Requirement |
Please report, as a single number, how many lines in the entries include the string "Name".

Information provided |

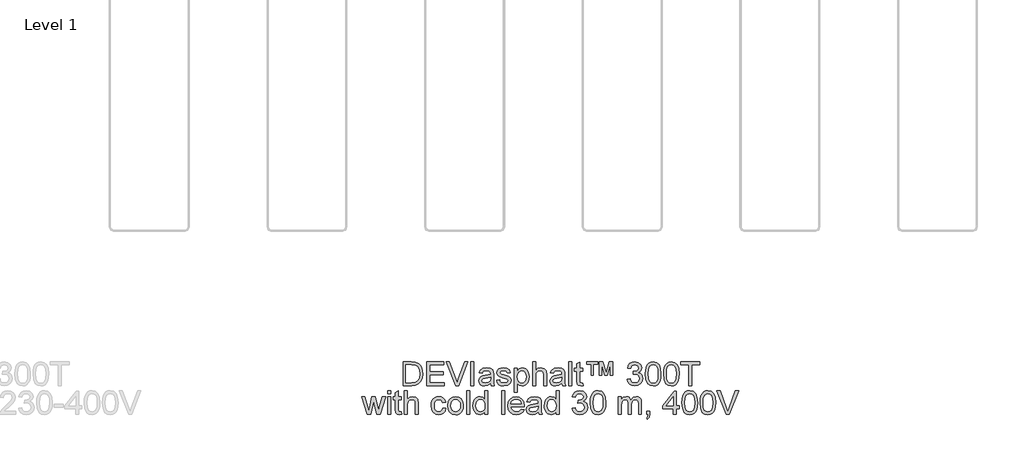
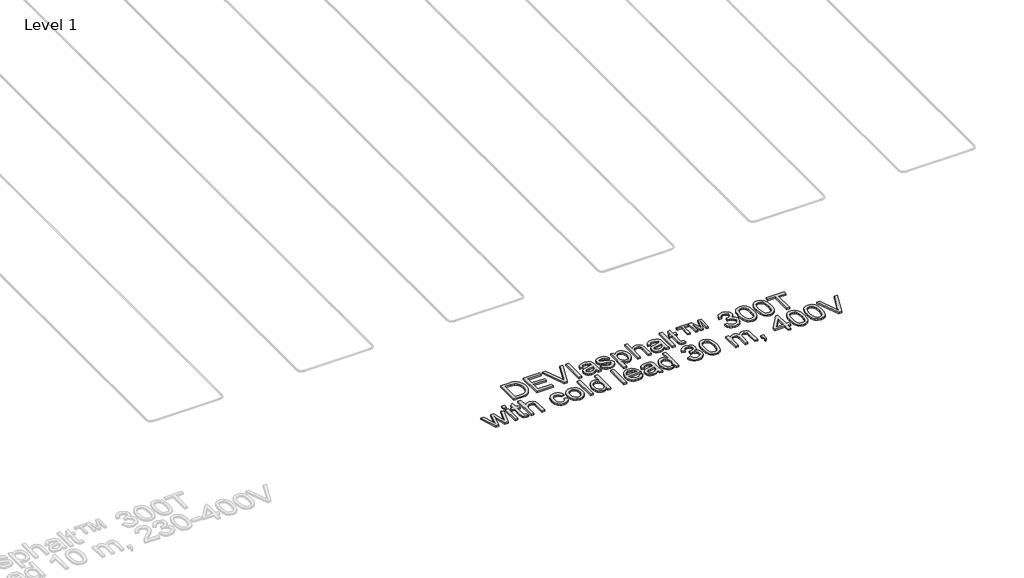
# One storey, part 19 of 26: 1 proxy.
"""IFC4 building model written with IfcOpenShell, lengths in millimetres."""

from ifc_helpers import new_model, si_unit, origin, origin_with_axes, place, context, project, spatial, polyline, outline, extrude, element, save

model = new_model("IFC4")

# Units and contexts
model_context = context("Model", 3, world=origin())
ifc_project = project(units=[si_unit("LENGTHUNIT", "METRE", prefix="MILLI")], contexts=[model_context])

# Site, building, storey
site = spatial("IfcSite", under=ifc_project)
building = spatial("IfcBuilding", under=site)
storey = spatial("IfcBuildingStorey", under=building, Name="Level 1", Elevation=0.0)

# Proxy
placement = place(None, origin())
element("IfcBuildingElementProxy", 1, Name="150mm", ObjectType="150mm", at=placement, inside=storey, context=model_context, shape_type="SweptSolid", body=[
    extrude(outline(polyline([(21271.9779866, -27720.7202), (21271.9779866, -27570.0357347), (21323.9597125, -27570.0357347), (21350.8518863, -27572.2062385), (21372.9983824, -27582.985181), (21383.4186399, -27594.4630992), (21390.8406592, -27608.7369206), (21395.2828343, -27625.5307337), (21396.7635593, -27644.568627), (21392.7536456, -27674.9740739), (21382.4529497, -27696.9182349), (21368.6941631, -27710.585051), (21350.6863394, -27718.145026), (21326.46131, -27720.7202), (21271.9779866, -27720.7202)]), holes=[polyline([(21290.8135447, -27701.8846418), (21324.1436535, -27701.8846418), (21348.387077, -27699.162315), (21362.3665928, -27691.4735813), (21373.8261169, -27672.7667819), (21377.9280012, -27644.2743214), (21375.9184458, -27623.746506), (21369.8897796, -27608.5897678), (21360.9824368, -27598.1787074), (21350.3368515, -27591.8879252), (21323.6286187, -27588.8712929), (21290.8135447, -27588.8712929), (21290.8135447, -27701.8846418)])]), origin_with_axes(), (0.0, 0.0, 1.0), 10.0),
    extrude(outline(polyline([(21422.6624518, -27720.7202), (21422.6624518, -27570.0357347), (21530.9669112, -27570.0357347), (21530.9669112, -27588.8712929), (21441.4980099, -27588.8712929), (21441.4980099, -27633.6057435), (21526.2580216, -27633.6057435), (21526.2580216, -27652.4413017), (21441.4980099, -27652.4413017), (21441.4980099, -27701.8846418), (21533.3213559, -27701.8846418), (21533.3213559, -27720.7202), (21422.6624518, -27720.7202)])), origin_with_axes(), (0.0, 0.0, 1.0), 10.0),
    extrude(outline(polyline([(21606.0884146, -27720.7202), (21546.1236494, -27570.0357347), (21566.2835827, -27570.0357347), (21606.4195084, -27678.5977115), (21614.5497005, -27703.0618642), (21622.569528, -27678.5977115), (21662.8158182, -27570.0357347), (21682.9757516, -27570.0357347), (21625.5493721, -27720.7202), (21606.0884146, -27720.7202)])), origin_with_axes(), (0.0, 0.0, 1.0), 10.0),
    extrude(outline(polyline([(21702.8413793, -27720.7202), (21702.8413793, -27570.0357347), (21721.6769375, -27570.0357347), (21721.6769375, -27720.7202), (21702.8413793, -27720.7202)])), origin_with_axes(), (0.0, 0.0, 1.0), 10.0),
    extrude(outline(polyline([(21827.6269521, -27706.5935313), (21809.361611, -27719.3590366), (21789.1832836, -27723.0746447), (21773.4425327, -27720.8397616), (21761.8312572, -27714.1351122), (21754.6713539, -27703.953978), (21752.2847195, -27691.2896403), (21755.889963, -27676.3904195), (21765.3629244, -27665.5746889), (21778.5514939, -27659.3942714), (21794.8486663, -27656.56158), (21827.5165875, -27650.0868569), (21827.6269521, -27645.8930021), (21826.330168, -27637.4868985), (21822.4398159, -27631.9870627), (21813.7394068, -27627.9035726), (21801.617695, -27626.5424092), (21782.5614077, -27630.1660468), (21773.4747224, -27643.0235226), (21754.6391642, -27640.6690778), (21762.7877504, -27622.274978), (21779.1952874, -27611.4960356), (21804.0457162, -27607.706851), (21826.872794, -27611.0545772), (21839.7670579, -27619.4606808), (21845.5428052, -27632.2445801), (21846.4625102, -27648.7256935), (21846.4625102, -27672.1597766), (21847.4190034, -27704.8828801), (21851.1713998, -27720.7202), (21832.3358416, -27720.7202), (21827.6269521, -27706.5935313)]), holes=[polyline([(21827.6269521, -27668.922415), (21797.2398993, -27674.6981624), (21781.0346974, -27677.7515829), (21773.6954516, -27682.7179899), (21771.1202776, -27689.9652652), (21776.730478, -27700.1555964), (21793.1931973, -27704.2390866), (21812.2494847, -27699.7325321), (21824.5367433, -27688.824831), (21827.5165875, -27674.256704), (21827.6269521, -27668.922415)])]), origin_with_axes(), (0.0, 0.0, 1.0), 10.0),
    extrude(outline(polyline([(21865.2980684, -27687.7579732), (21884.1336265, -27685.4035284), (21887.1042736, -27693.4601441), (21892.8524298, -27699.3830442), (21912.8284222, -27704.2390866), (21932.0318623, -27699.7877144), (21938.2858562, -27689.3398658), (21936.7131607, -27684.5390057), (21931.9950741, -27680.8785799), (21912.607693, -27675.5075028), (21884.2439911, -27666.2920588), (21871.864762, -27655.5315104), (21867.6525131, -27640.337984), (21871.0370275, -27626.3032859), (21880.2708656, -27615.5795257), (21892.2454245, -27610.0061135), (21908.4506264, -27607.706851), (21931.3696747, -27611.4040651), (21945.9378017, -27621.4104554), (21952.4125248, -27638.314633), (21933.5769667, -27640.6690778), (21926.4952383, -27630.2764114), (21909.9221544, -27626.5424092), (21891.8959366, -27630.1108645), (21886.4880713, -27638.4249976), (21888.7321515, -27643.9064394), (21895.7586976, -27648.0635059), (21911.9822936, -27652.0734197), (21939.6286255, -27660.9393757), (21952.4677071, -27670.9825542), (21957.1214144, -27687.353303), (21951.6583667, -27705.3795208), (21935.8946233, -27718.4577257), (21912.5709048, -27723.0746447), (21893.5789968, -27720.8489587), (21879.7190426, -27714.1719004), (21870.4668104, -27703.1170465), (21865.2980684, -27687.7579732)])), origin_with_axes(), (0.0, 0.0, 1.0), 10.0),
    extrude(outline(polyline([(21978.3114173, -27763.1002058), (21978.3114173, -27610.0612958), (21997.1469755, -27610.0612958), (21997.1469755, -27628.528972), (22010.1699981, -27612.9123813), (22027.7547575, -27607.706851), (22040.4926715, -27609.5278669), (22051.6302989, -27614.9909145), (22060.6985901, -27623.7649001), (22067.2284955, -27635.5187299), (22072.4892081, -27664.5446193), (22071.0038845, -27680.6532522), (22066.5479138, -27695.0604308), (22059.2638503, -27707.0349897), (22049.2942483, -27715.8457635), (22037.6829728, -27721.2674244), (22025.4738891, -27723.0746447), (22009.0847462, -27718.2369965), (21997.1469755, -27706.0049202), (21997.1469755, -27763.1002058), (21978.3114173, -27763.1002058)]), holes=[polyline([(21997.1469755, -27666.2736647), (21999.184122, -27683.1594483), (22005.2955616, -27694.9684603), (22014.3132691, -27701.92143), (22025.0692189, -27704.2390866), (22035.9999127, -27701.8386566), (22045.2475463, -27694.6373665), (22051.552124, -27682.3960931), (22053.6536499, -27664.8757131), (22051.6027078, -27648.0819), (22045.4498814, -27636.1073411), (22036.4459696, -27628.9336422), (22025.8417711, -27626.5424092), (22015.1961858, -27629.0853935), (22005.8473846, -27636.7143464), (21999.3220777, -27649.1901445), (21997.1469755, -27666.2736647)])]), origin_with_axes(), (0.0, 0.0, 1.0), 10.0),
    extrude(outline(polyline([(22093.679211, -27720.7202), (22093.679211, -27570.0357347), (22112.5147691, -27570.0357347), (22112.5147691, -27625.4387632), (22127.2024578, -27612.1398291), (22145.2930549, -27607.706851), (22166.4462696, -27612.5444993), (22179.2853513, -27625.9170098), (22183.1481122, -27650.6754681), (22183.1481122, -27720.7202), (22164.3125541, -27720.7202), (22164.3125541, -27652.6252427), (22162.8134349, -27640.8346247), (22158.3160775, -27632.7596149), (22151.0688022, -27628.0967106), (22141.3199294, -27626.5424092), (22125.8872797, -27630.7362639), (22115.5865838, -27642.1038176), (22112.5147691, -27661.9326571), (22112.5147691, -27720.7202), (22093.679211, -27720.7202)])), origin_with_axes(), (0.0, 0.0, 1.0), 10.0),
    extrude(outline(polyline([(22279.6803477, -27706.5935313), (22261.4150067, -27719.3590366), (22241.2366793, -27723.0746447), (22225.4959284, -27720.8397616), (22213.8846529, -27714.1351122), (22206.7247496, -27703.953978), (22204.3381151, -27691.2896403), (22207.9433587, -27676.3904195), (22217.4163201, -27665.5746889), (22230.6048896, -27659.3942714), (22246.902062, -27656.56158), (22279.5699831, -27650.0868569), (22279.6803477, -27645.8930021), (22278.3835637, -27637.4868985), (22274.4932116, -27631.9870627), (22265.7928024, -27627.9035726), (22253.6710907, -27626.5424092), (22234.6148033, -27630.1660468), (22225.5281181, -27643.0235226), (22206.6925599, -27640.6690778), (22214.8411461, -27622.274978), (22231.2486831, -27611.4960356), (22256.0991119, -27607.706851), (22278.9261897, -27611.0545772), (22291.8204536, -27619.4606808), (22297.5962009, -27632.2445801), (22298.5159059, -27648.7256935), (22298.5159059, -27672.1597766), (22299.4723991, -27704.8828801), (22303.2247954, -27720.7202), (22284.3892373, -27720.7202), (22279.6803477, -27706.5935313)]), holes=[polyline([(22279.6803477, -27668.922415), (22249.2932949, -27674.6981624), (22233.0880931, -27677.7515829), (22225.7488473, -27682.7179899), (22223.1736733, -27689.9652652), (22228.7838737, -27700.1555964), (22245.246593, -27704.2390866), (22264.3028803, -27699.7325321), (22276.590139, -27688.824831), (22279.5699831, -27674.256704), (22279.6803477, -27668.922415)])]), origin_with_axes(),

Written solution |
2